There are limitations to the current study. For example, in Experiment 1, we measured the endorsement of neuromyths using a standard true/false response scale. Recently, this scale has come under scrutiny because neuromyths may not encompass one coherent construct (
Horvath et al. 2018;
Krammer et al. 2021;
Macdonald et al. 2017). This potential issue led us to conduct Experiments 2 and 3 using Likert scales, which have been adopted in several studies. However, future research is necessary to understand how best to measure beliefs in neuromyths. Also, we examined one sample of teachers, but the results may differ using a different sample of teachers. Future research should examine the effectiveness of corrections for various groups of teachers and attempt to tailor these corrections to these groups. Another potential limitation is that the data were collected online using MTurk. Of course, using an online sample can be a strength because it can allow for responses from a broad sample of teachers. However, some may worry about data quality from MTurk participants on the basis that these participants may not be paying attention and taking studies as seriously as other participants. To address this question, we examined participant’s performance on the math tests in sessions 1 and 2 as a proxy for attention check. The results showed that very few participants (1.35%) failed to answer all of the math problems within the allotted time (1.35% in part 1 and 1.45% in part 2), suggesting that we had very few cases of participants who were likely not attending to the task. On average, participants completed most of the math problems (76% in part 1 and 85.2% in part 2), and of these, they answered 86% and 88% of them correctly in sessions 1 and 2, respectively. The math problems had some complexity to them (e.g., (72 − 50) × 2 = ?; 10 + 7 − 5 = ?; 44 − 20 + 10 = ?), and participants were given only 6 s to complete each one, suggesting that participants needed to actively pay attention to this task to be able to make their responses within the tight time limit. Thus, the fact that most people completed the task on time and answered a relatively high percentage of the items correctly suggests that the majority of participants in Experiment 3 were paying attention to the study. In addition, the only participants included in the analyses were those who completed each session of the study, suggesting a relatively high degree of intention to take the study seriously.

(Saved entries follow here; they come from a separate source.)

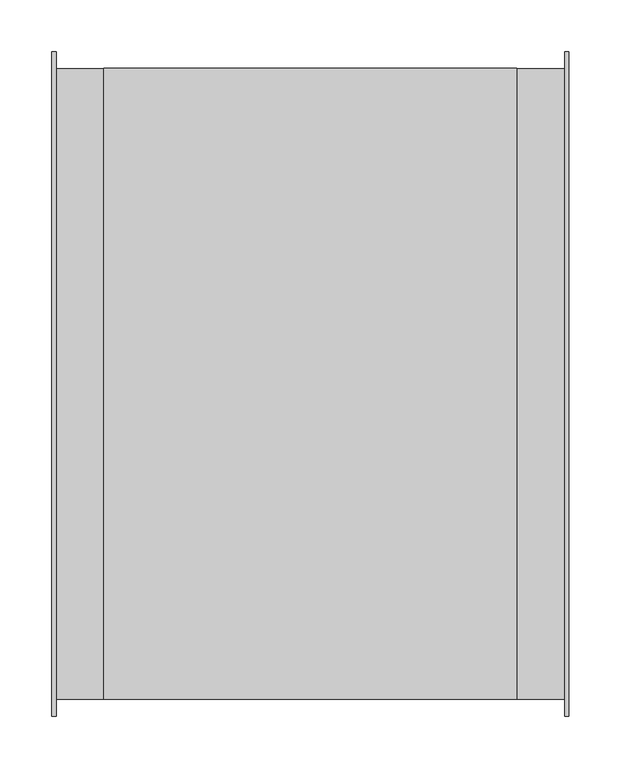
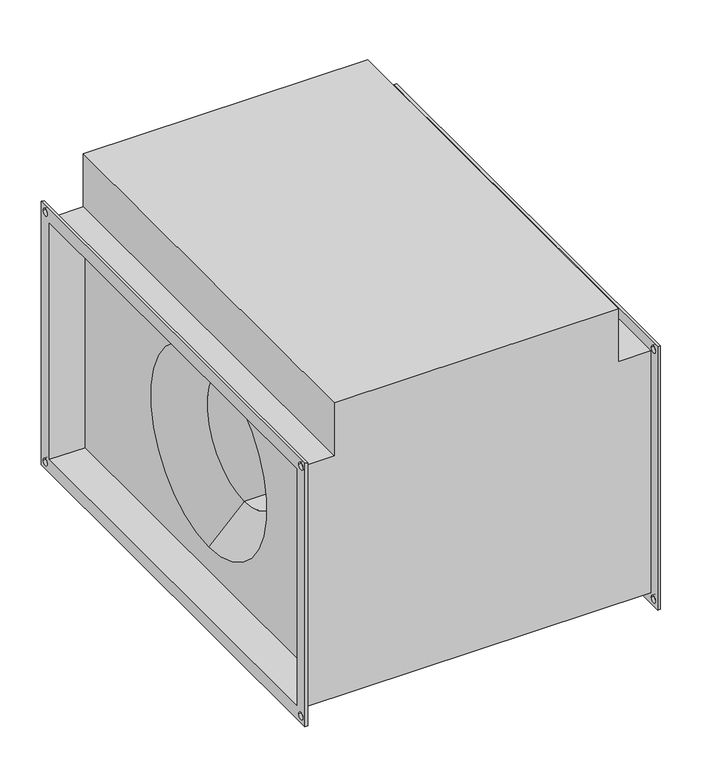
"""IFC4 building model written with IfcOpenShell, lengths in millimetres: proxy geometry, СВ_Вентилятор_КанальныйПрямоугольный_200-1000_SVPS : SVPS-600x350/28.2D."""

from ifc_helpers import new_model, si_unit, frame, origin, place, context, project, spatial, polyline, circle_curve, source, transform, mapped, element, save
from ifc_brep_helpers import plane_surface, revolved_surface, advanced_brep


def mechanical_equipment_a6f259df(model_context):
    return source(origin(), model_context, "Body", "AdvancedBrep", [
        advanced_brep(
        [(-245.0, -304.0, 179.0), (-199.0, -304.0, 179.0), (-199.0, 304.0, 179.0), (-245.0, 304.0, 179.0), (199.0, 304.0, 258.0), (199.0, -304.0, 258.0), (199.0, -304.0, 179.0), (199.0, 304.0, 179.0), (199.0, 300.0, -175.0), (199.0, 300.0, 175.0), (199.0, -300.0, 175.0), (199.0, -300.0, -175.0), (199.0, 0.0, 140.0), (199.0, 0.0, -140.0), (-199.0, 300.0, 175.0), (-199.0, 300.0, -175.0), (-199.0, -300.0, -175.0), (-199.0, -300.0, 175.0), (-199.0, 0.0, -140.0), (-199.0, 0.0, 140.0), (-199.0, -304.0, 258.0), (-199.0, 304.0, 258.0), (-245.0, -304.0, -179.0), (245.0, -304.0, -179.0), (245.0, -304.0, 179.0), (-245.0, 304.0, -179.0), (245.0, 304.0, -179.0), (245.0, 304.0, 179.0), (149.0, 0.0, -90.0), (149.0, 0.0, 90.0), (-149.0, 0.0, 90.0), (-149.0, 0.0, -90.0), (-249.0, -320.0, 195.0), (-249.0, 320.0, 195.0), (-249.0, 320.0, -195.0), (-249.0, -320.0, -195.0), (-249.0, -300.0, 175.0), (-249.0, -300.0, -175.0), (-249.0, 300.0, -175.0), (-249.0, 300.0, 175.0), (-249.0, 305.0, 185.0), (-249.0, 315.0, 185.0), (-249.0, -315.0, 185.0), (-249.0, -305.0, 185.0), (-249.0, -315.0, -185.0), (-249.0, -305.0, -185.0), (-249.0, 305.0, -185.0), (-249.0, 315.0, -185.0), (-245.0, -320.0, 195.0), (-245.0, -320.0, -195.0), (-245.0, 320.0, -195.0), (-245.0, 320.0, 195.0), (-245.0, 315.0, 185.0), (-245.0, 305.0, 185.0), (-245.0, -305.0, 185.0), (-245.0, -315.0, 185.0), (-245.0, -305.0, -185.0), (-245.0, -315.0, -185.0), (-245.0, 315.0, -185.0), (-245.0, 305.0, -185.0), (245.0, 320.0, 195.0), (245.0, 320.0, -195.0), (245.0, -320.0, -195.0), (245.0, -320.0, 195.0), (245.0, 305.0, 185.0), (245.0, 315.0, 185.0), (245.0, -315.0, 185.0), (245.0, -305.0, 185.0), (245.0, -315.0, -185.0), (245.0, -305.0, -185.0), (245.0, 305.0, -185.0), (245.0, 315.0, -185.0), (249.0, 320.0, 195.0), (249.0, -320.0, 195.0), (249.0, -320.0, -195.0), (249.0, 320.0, -195.0), (249.0, 300.0, 175.0), (249.0, 300.0, -175.0), (249.0, -300.0, -175.0), (249.0, -300.0, 175.0), (249.0, 315.0, 185.0), (249.0, 305.0, 185.0), (249.0, -305.0, 185.0), (249.0, -315.0, 185.0), (249.0, -305.0, -185.0), (249.0, -315.0, -185.0), (249.0, 315.0, -185.0), (249.0, 305.0, -185.0)],
        [
            (0, 1),
            (1, 2),
            (2, 3),
            (3, 0),
            (4, 5),
            (5, 6),
            (6, 7),
            (7, 4),
            (8, 9),
            (9, 10),
            (10, 11),
            (11, 8),
            (12, 13, circle_curve(frame((199.0, 0.0, 0.0), z_axis=(-1.0, 0.0, 0.0), x_axis=(0.0, 0.0, 1.0)), 140.0)),
            (13, 12, circle_curve(frame((199.0, 0.0, 0.0), z_axis=(-1.0, 0.0, 0.0), x_axis=(0.0, 0.0, 1.0)), 140.0)),
            (14, 15),
            (15, 16),
            (16, 17),
            (17, 14),
            (18, 19, circle_curve(frame((-199.0, 0.0, 0.0), z_axis=(1.0, 0.0, 0.0), x_axis=(0.0, 0.0, 1.0)), 140.0)),
            (19, 18, circle_curve(frame((-199.0, 0.0, 0.0), z_axis=(1.0, 0.0, 0.0), x_axis=(0.0, 0.0, 1.0)), 140.0)),
            (20, 21),
            (21, 2),
            (1, 20),
            (5, 20),
            (0, 22),
            (22, 23),
            (23, 24),
            (24, 6),
            (22, 25),
            (25, 26),
            (26, 23),
            (21, 4),
            (7, 27),
            (27, 26),
            (25, 3),
            (24, 27),
            (28, 13),
            (12, 29),
            (29, 28, circle_curve(frame((149.0, 0.0, 0.0), z_axis=(-1.0, 0.0, 0.0), x_axis=(0.0, 0.0, 1.0)), 90.0)),
            (28, 29, circle_curve(frame((149.0, 0.0, 0.0), z_axis=(-1.0, 0.0, 0.0), x_axis=(0.0, 0.0, 1.0)), 90.0)),
            (29, 30),
            (30, 31, circle_curve(frame((-149.0, 0.0, 0.0), z_axis=(-1.0, 0.0, 0.0), x_axis=(0.0, 0.0, 1.0)), 90.0)),
            (31, 28),
            (31, 30, circle_curve(frame((-149.0, 0.0, 0.0), z_axis=(-1.0, 0.0, 0.0), x_axis=(0.0, 0.0, 1.0)), 90.0)),
            (30, 19),
            (18, 31),
            (32, 33),
            (33, 34),
            (34, 35),
            (35, 32),
            (36, 37),
            (37, 38),
            (38, 39),
            (39, 36),
            (40, 41, circle_curve(frame((-249.0, 310.0, 185.0), z_axis=(1.0, 0.0, 0.0), x_axis=(0.0, 1.0, 0.0)), 5.0)),
            (41, 40, circle_curve(frame((-249.0, 310.0, 185.0), z_axis=(1.0, 0.0, 0.0), x_axis=(0.0, 1.0, 0.0)), 5.0)),
            (42, 43, circle_curve(frame((-249.0, -310.0, 185.0), z_axis=(1.0, 0.0, 0.0), x_axis=(0.0, 1.0, 0.0)), 5.0)),
            (43, 42, circle_curve(frame((-249.0, -310.0, 185.0), z_axis=(1.0, 0.0, 0.0), x_axis=(0.0, 1.0, 0.0)), 5.0)),
            (44, 45, circle_curve(frame((-249.0, -310.0, -185.0), z_axis=(1.0, 0.0, 0.0), x_axis=(0.0, 1.0, 0.0)), 5.0)),
            (45, 44, circle_curve(frame((-249.0, -310.0, -185.0), z_axis=(1.0, 0.0, 0.0), x_axis=(0.0, 1.0, 0.0)), 5.0)),
            (46, 47, circle_curve(frame((-249.0, 310.0, -185.0), z_axis=(1.0, 0.0, 0.0), x_axis=(0.0, 1.0, 0.0)), 5.0)),
            (47, 46, circle_curve(frame((-249.0, 310.0, -185.0), z_axis=(1.0, 0.0, 0.0), x_axis=(0.0, 1.0, 0.0)), 5.0)),
            (48, 49),
            (49, 50),
            (50, 51),
            (51, 48),
            (52, 53, circle_curve(frame((-245.0, 310.0, 185.0), z_axis=(-1.0, 0.0, 0.0), x_axis=(0.0, 1.0, 0.0)), 5.0)),
            (53, 52, circle_curve(frame((-245.0, 310.0, 185.0), z_axis=(-1.0, 0.0, 0.0), x_axis=(0.0, 1.0, 0.0)), 5.0)),
            (54, 55, circle_curve(frame((-245.0, -310.0, 185.0), z_axis=(-1.0, 0.0, 0.0), x_axis=(0.0, 1.0, 0.0)), 5.0)),
            (55, 54, circle_curve(frame((-245.0, -310.0, 185.0), z_axis=(-1.0, 0.0, 0.0), x_axis=(0.0, 1.0, 0.0)), 5.0)),
            (56, 57, circle_curve(frame((-245.0, -310.0, -185.0), z_axis=(-1.0, 0.0, 0.0), x_axis=(0.0, 1.0, 0.0)), 5.0)),
            (57, 56, circle_curve(frame((-245.0, -310.0, -185.0), z_axis=(-1.0, 0.0, 0.0), x_axis=(0.0, 1.0, 0.0)), 5.0)),
            (58, 59, circle_curve(frame((-245.0, 310.0, -185.0), z_axis=(-1.0, 0.0, 0.0), x_axis=(0.0, 1.0, 0.0)), 5.0)),
            (59, 58, circle_curve(frame((-245.0, 310.0, -185.0), z_axis=(-1.0, 0.0, 0.0), x_axis=(0.0, 1.0, 0.0)), 5.0)),
            (35, 49),
            (48, 32),
            (34, 50),
            (33, 51),
            (60, 61),
            (61, 62),
            (62, 63),
            (63, 60),
            (64, 65, circle_curve(frame((245.0, 310.0, 185.0), z_axis=(1.0, 0.0, 0.0), x_axis=(0.0, 1.0, 0.0)), 5.0)),
            (65, 64, circle_curve(frame((245.0, 310.0, 185.0), z_axis=(1.0, 0.0, 0.0), x_axis=(0.0, 1.0, 0.0)), 5.0)),
            (66, 67, circle_curve(frame((245.0, -310.0, 185.0), z_axis=(1.0, 0.0, 0.0), x_axis=(0.0, 1.0, 0.0)), 5.0)),
            (67, 66, circle_curve(frame((245.0, -310.0, 185.0), z_axis=(1.0, 0.0, 0.0), x_axis=(0.0, 1.0, 0.0)), 5.0)),
            (68, 69, circle_curve(frame((245.0, -310.0, -185.0), z_axis=(1.0, 0.0, 0.0), x_axis=(0.0, 1.0, 0.0)), 5.0)),
            (69, 68, circle_curve(frame((245.0, -310.0, -185.0), z_axis=(1.0, 0.0, 0.0), x_axis=(0.0, 1.0, 0.0)), 5.0)),
            (70, 71, circle_curve(frame((245.0, 310.0, -185.0), z_axis=(1.0, 0.0, 0.0), x_axis=(0.0, 1.0, 0.0)), 5.0)),
            (71, 70, circle_curve(frame((245.0, 310.0, -185.0), z_axis=(1.0, 0.0, 0.0), x_axis=(0.0, 1.0, 0.0)), 5.0)),
            (72, 73),
            (73, 74),
            (74, 75),
            (75, 72),
            (76, 77),
            (77, 78),
            (78, 79),
            (79, 76),
            (80, 81, circle_curve(frame((249.0, 310.0, 185.0), z_axis=(-1.0, 0.0, 0.0), x_axis=(0.0, 1.0, 0.0)), 5.0)),
            (81, 80, circle_curve(frame((249.0, 310.0, 185.0), z_axis=(-1.0, 0.0, 0.0), x_axis=(0.0, 1.0, 0.0)), 5.0)),
            (82, 83, circle_curve(frame((249.0, -310.0, 185.0), z_axis=(-1.0, 0.0, 0.0), x_axis=(0.0, 1.0, 0.0)), 5.0)),
            (83, 82, circle_curve(frame((249.0, -310.0, 185.0), z_axis=(-1.0, 0.0, 0.0), x_axis=(0.0, 1.0, 0.0)), 5.0)),
            (84, 85, circle_curve(frame((249.0, -310.0, -185.0), z_axis=(-1.0, 0.0, 0.0), x_axis=(0.0, 1.0, 0.0)), 5.0)),
            (85, 84, circle_curve(frame((249.0, -310.0, -185.0), z_axis=(-1.0, 0.0, 0.0), x_axis=(0.0, 1.0, 0.0)), 5.0)),
            (86, 87, circle_curve(frame((249.0, 310.0, -185.0), z_axis=(-1.0, 0.0, 0.0), x_axis=(0.0, 1.0, 0.0)), 5.0)),
            (87, 86, circle_curve(frame((249.0, 310.0, -185.0), z_axis=(-1.0, 0.0, 0.0), x_axis=(0.0, 1.0, 0.0)), 5.0)),
            (63, 73),
            (72, 60),
            (62, 74),
            (61, 75),
            (39, 14),
            (17, 36),
            (38, 15),
            (37, 16),
            (76, 9),
            (8, 77),
            (11, 78),
            (10, 79),
            (40, 53),
            (52, 41),
            (64, 81),
            (80, 65),
            (42, 55),
            (54, 43),
            (66, 83),
            (82, 67),
            (44, 57),
            (56, 45),
            (68, 85),
            (84, 69),
            (46, 59),
            (58, 47),
            (70, 87),
            (86, 71),
        ],
        [
            plane_surface(frame((-199.0, 304.0, 179.0), z_axis=(0.0, 0.0, 1.0), x_axis=(-1.0, 0.0, 0.0))),
            plane_surface(frame((199.0, -304.0, 258.0), z_axis=(1.0, 0.0, 0.0), x_axis=(0.0, 0.0, -1.0))),
            plane_surface(frame((-199.0, -304.0, 258.0), z_axis=(-1.0, 0.0, 0.0), x_axis=(0.0, 0.0, 1.0))),
            plane_surface(frame((199.0, -304.0, 258.0), z_axis=(0.0, -1.0, 0.0), x_axis=(-1.0, 0.0, 0.0))),
            plane_surface(frame((199.0, -304.0, -179.0), z_axis=(0.0, 0.0, -1.0), x_axis=(-1.0, 0.0, 0.0))),
            plane_surface(frame((199.0, 304.0, -179.0), z_axis=(0.0, 1.0, 0.0), x_axis=(-1.0, 0.0, 0.0))),
            plane_surface(frame((199.0, 304.0, 258.0), z_axis=(0.0, 0.0, 1.0), x_axis=(-1.0, 0.0, 0.0))),
            plane_surface(frame((245.0, 304.0, 179.0), z_axis=(0.0, 0.0, 1.0), x_axis=(-1.0, 0.0, 0.0))),
            revolved_surface(polyline([(149.0, 0.0, 90.0), (199.0, 0.0, 140.0)]), (-636.0617897, 0.0, 0.0), (-1.0, 0.0, 0.0)),
            revolved_surface(polyline([(-149.0, 0.0, 90.0), (149.0, 0.0, 90.0)]), (-636.0617897, 0.0, 0.0), (-1.0, 0.0, 0.0)),
            revolved_surface(polyline([(-199.0, 0.0, 140.0), (-149.0, 0.0, 90.0)]), (-636.0617897, 0.0, 0.0), (-1.0, 0.0, 0.0)),
            plane_surface(frame((-249.0, -320.0, 195.0), z_axis=(-1.0, 0.0, 0.0), x_axis=(0.0, 0.0, 1.0))),
            plane_surface(frame((-245.0, -320.0, 195.0), z_axis=(1.0, 0.0, 0.0), x_axis=(0.0, 0.0, -1.0))),
            plane_surface(frame((-245.0, -320.0, 195.0), z_axis=(0.0, -1.0, 0.0), x_axis=(-1.0, 0.0, 0.0))),
            plane_surface(frame((-245.0, -320.0, -195.0), z_axis=(0.0, 0.0, -1.0), x_axis=(-1.0, 0.0, 0.0))),
            plane_surface(frame((-245.0, 320.0, -195.0), z_axis=(0.0, 1.0, 0.0), x_axis=(-1.0, 0.0, 0.0))),
            plane_surface(frame((-245.0, 320.0, 195.0), z_axis=(0.0, 0.0, 1.0), x_axis=(-1.0, 0.0, 0.0))),
            plane_surface(frame((245.0, 300.0, -175.0), z_axis=(-1.0, 0.0, 0.0), x_axis=(0.0, 0.0, 1.0))),
            plane_surface(frame((249.0, 300.0, -175.0), z_axis=(1.0, 0.0, 0.0), x_axis=(0.0, 0.0, -1.0))),
            plane_surface(frame((249.0, 320.0, 195.0), z_axis=(0.0, 0.0, 1.0), x_axis=(-1.0, 0.0, 0.0))),
            plane_surface(frame((249.0, -320.0, 195.0), z_axis=(0.0, -1.0, 0.0), x_axis=(-1.0, 0.0, 0.0))),
            plane_surface(frame((249.0, -320.0, -195.0), z_axis=(0.0, 0.0, -1.0), x_axis=(-1.0, 0.0, 0.0))),
            plane_surface(frame((249.0, 320.0, -195.0), z_axis=(0.0, 1.0, 0.0), x_axis=(-1.0, 0.0, 0.0))),
            plane_surface(frame((-245.0, -300.0, 175.0), z_axis=(0.0, 0.0, -1.0), x_axis=(-1.0, 0.0, 0.0))),
            plane_surface(frame((-245.0, 300.0, 175.0), z_axis=(0.0, -1.0, 0.0), x_axis=(-1.0, 0.0, 0.0))),
            plane_surface(frame((-245.0, 300.0, -175.0), z_axis=(0.0, 0.0, 1.0), x_axis=(-1.0, 0.0, 0.0))),
            plane_surface(frame((-245.0, -300.0, -175.0), z_axis=(0.0, 1.0, 0.0), x_axis=(-1.0, 0.0, 0.0))),
            plane_surface(frame((249.0, 300.0, 175.0), z_axis=(0.0, -1.0, 0.0), x_axis=(-1.0, 0.0, 0.0))),
            plane_surface(frame((249.0, 300.0, -175.0), z_axis=(0.0, 0.0, 1.0), x_axis=(-1.0, 0.0, 0.0))),
            plane_surface(frame((249.0, -300.0, -175.0), z_axis=(0.0, 1.0, 0.0), x_axis=(-1.0, 0.0, 0.0))),
            plane_surface(frame((249.0, -300.0, 175.0), z_axis=(0.0, 0.0, -1.0), x_axis=(-1.0, 0.0, 0.0))),
            revolved_surface(polyline([(-245.0, 315.0, 185.0), (-249.0, 315.0, 185.0)]), (-249.0, 310.0, 185.0), (1.0, 0.0, 0.0)),
            revolved_surface(polyline([(249.0, 315.0, 185.0), (245.0, 315.0, 185.0)]), (-249.0, 310.0, 185.0), (1.0, 0.0, 0.0)),
            revolved_surface(polyline([(-245.0, -305.0, 185.0), (-249.0, -305.0, 185.0)]), (0.0, -310.0, 185.0), (1.0, 0.0, 0.0)),
            revolved_surface(polyline([(249.0, -305.0, 185.0), (245.0, -305.0, 185.0)]), (0.0, -310.0, 185.0), (1.0, 0.0, 0.0)),
            revolved_surface(polyline([(-245.0, -305.0, -185.0), (-249.0, -305.0, -185.0)]), (0.0, -310.0, -185.0), (1.0, 0.0, 0.0)),
            revolved_surface(polyline([(249.0, -305.0, -185.0), (245.0, -305.0, -185.0)]), (0.0, -310.0, -185.0), (1.0, 0.0, 0.0)),
            revolved_surface(polyline([(-245.0, 315.0, -185.0), (-249.0, 315.0, -185.0)]), (0.0, 310.0, -185.0), (1.0, 0.0, 0.0)),
            revolved_surface(polyline([(249.0, 315.0, -185.0), (245.0, 315.0, -185.0)]), (0.0, 310.0, -185.0), (1.0, 0.0, 0.0)),
        ],
        [
            (0, [[1, 2, 3, 4]]),
            (1, [[5, 6, 7, 8]]),
            (1, [[9, 10, 11, 12], [13, 14]]),
            (2, [[15, 16, 17, 18], [19, 20]]),
            (2, [[21, 22, -2, 23]]),
            (3, [[24, -23, -1, 25, 26, 27, 28, -6]]),
            (4, [[-26, 29, 30, 31]]),
            (5, [[32, -8, 33, 34, -30, 35, -3, -22]]),
            (6, [[-5, -32, -21, -24]]),
            (7, [[-28, 36, -33, -7]]),
            (8, [[37, -13, 38, 39]]),
            (8, [[-37, 40, -38, -14]]),
            (9, [[-39, 41, 42, 43]]),
            (9, [[-40, -43, 44, -41]]),
            (10, [[-42, 45, -19, 46]]),
            (10, [[-44, -46, -20, -45]]),
            (11, [[47, 48, 49, 50], [51, 52, 53, 54], [55, 56], [57, 58], [59, 60], [61, 62]]),
            (12, [[63, 64, 65, 66], [-25, -4, -35, -29], [67, 68], [69, 70], [71, 72], [73, 74]]),
            (13, [[-50, 75, -63, 76]]),
            (14, [[-49, 77, -64, -75]]),
            (15, [[-48, 78, -65, -77]]),
            (16, [[-47, -76, -66, -78]]),
            (17, [[79, 80, 81, 82], [-27, -31, -34, -36], [83, 84], [85, 86], [87, 88], [89, 90]]),
            (18, [[91, 92, 93, 94], [95, 96, 97, 98], [99, 100], [101, 102], [103, 104], [105, 106]]),
            (19, [[-82, 107, -91, 108]]),
            (20, [[-81, 109, -92, -107]]),
            (21, [[-80, 110, -93, -109]]),
            (22, [[-79, -108, -94, -110]]),
            (23, [[-54, 111, -18, 112]]),
            (24, [[-53, 113, -15, -111]]),
            (25, [[-52, 114, -16, -113]]),
            (26, [[-51, -112, -17, -114]]),
            (27, [[-95, 115, -9, 116]]),
            (28, [[-96, -116, -12, 117]]),
            (29, [[-97, -117, -11, 118]]),
            (30, [[-115, -98, -118, -10]]),
            (31, [[119, -67, 120, -55]]),
            (32, [[121, -99, 122, -83]]),
            (31, [[-119, -56, -120, -68]]),
            (32, [[-121, -84, -122, -100]]),
            (33, [[123, -69, 124, -57]]),
            (34, [[125, -101, 126, -85]]),
            (33, [[-123, -58, -124, -70]]),
            (34, [[-125, -86, -126, -102]]),
            (35, [[127, -71, 128, -59]]),
            (36, [[129, -103, 130, -87]]),
            (35, [[-127, -60, -128, -72]]),
            (36, [[-129, -88, -130, -104]]),
            (37, [[131, -73, 132, -61]]),
            (38, [[133, -105, 134, -89]]),
            (37, [[-131, -62, -132, -74]]),
            (38, [[-133, -90, -134, -106]]),
        ],
    ),
    ])


if __name__ == "__main__":
    model = new_model("IFC4")
    model_context = context("Model", 3, world=origin())
    ifc_project = project(units=[si_unit("LENGTHUNIT", "METRE", prefix="MILLI")], contexts=[model_context])
    site = spatial("IfcSite", under=ifc_project)
    building = spatial("IfcBuilding", under=site)
    placement = place(None, origin())
    mechanical_equipment_shape = mechanical_equipment_a6f259df(model_context)
    element("IfcBuildingElementProxy", 1, Name="СВ_Вентилятор_КанальныйПрямоугольный_200-1000_SVPS : SVPS-600x350/28.2D", ObjectType="СВ_Вентилятор_КанальныйПрямоугольный_200-1000_SVPS : SVPS-600x350/28.2D", at=placement, inside=building, context=model_context, shape_type="MappedRepresentation", body=[
        mapped(mechanical_equipment_shape, transform((0.0, 0.0, 0.0), x_axis=(1.0, 0.0, 0.0), y_axis=(0.0, 1.0, 0.0), z_axis=(0.0, 0.0, 1.0))),
    ])
    save(model, "model.ifc")

In sum, the results of the current studies suggest that students and teachers can update initial erroneous beliefs about learning and the brain, partially replicating previous research. It is promising that simple feedback can help students to update erroneous beliefs and influence the reasoning because this feedback can be easily implemented in the classroom. However, more research is needed to understand how to make feedback effective so that educators do not rely on corrected beliefs when reasoning about learning. Based on the results of the current studies, educators may update their beliefs when given feedback. However, these updated beliefs do not translate into better reasoning about learning and the brain, where they may still rely on their original erroneous beliefs. For now, our results suggest that students’ and educators’ erroneous beliefs can be updated, but reasoning may not be influenced by this belief updating.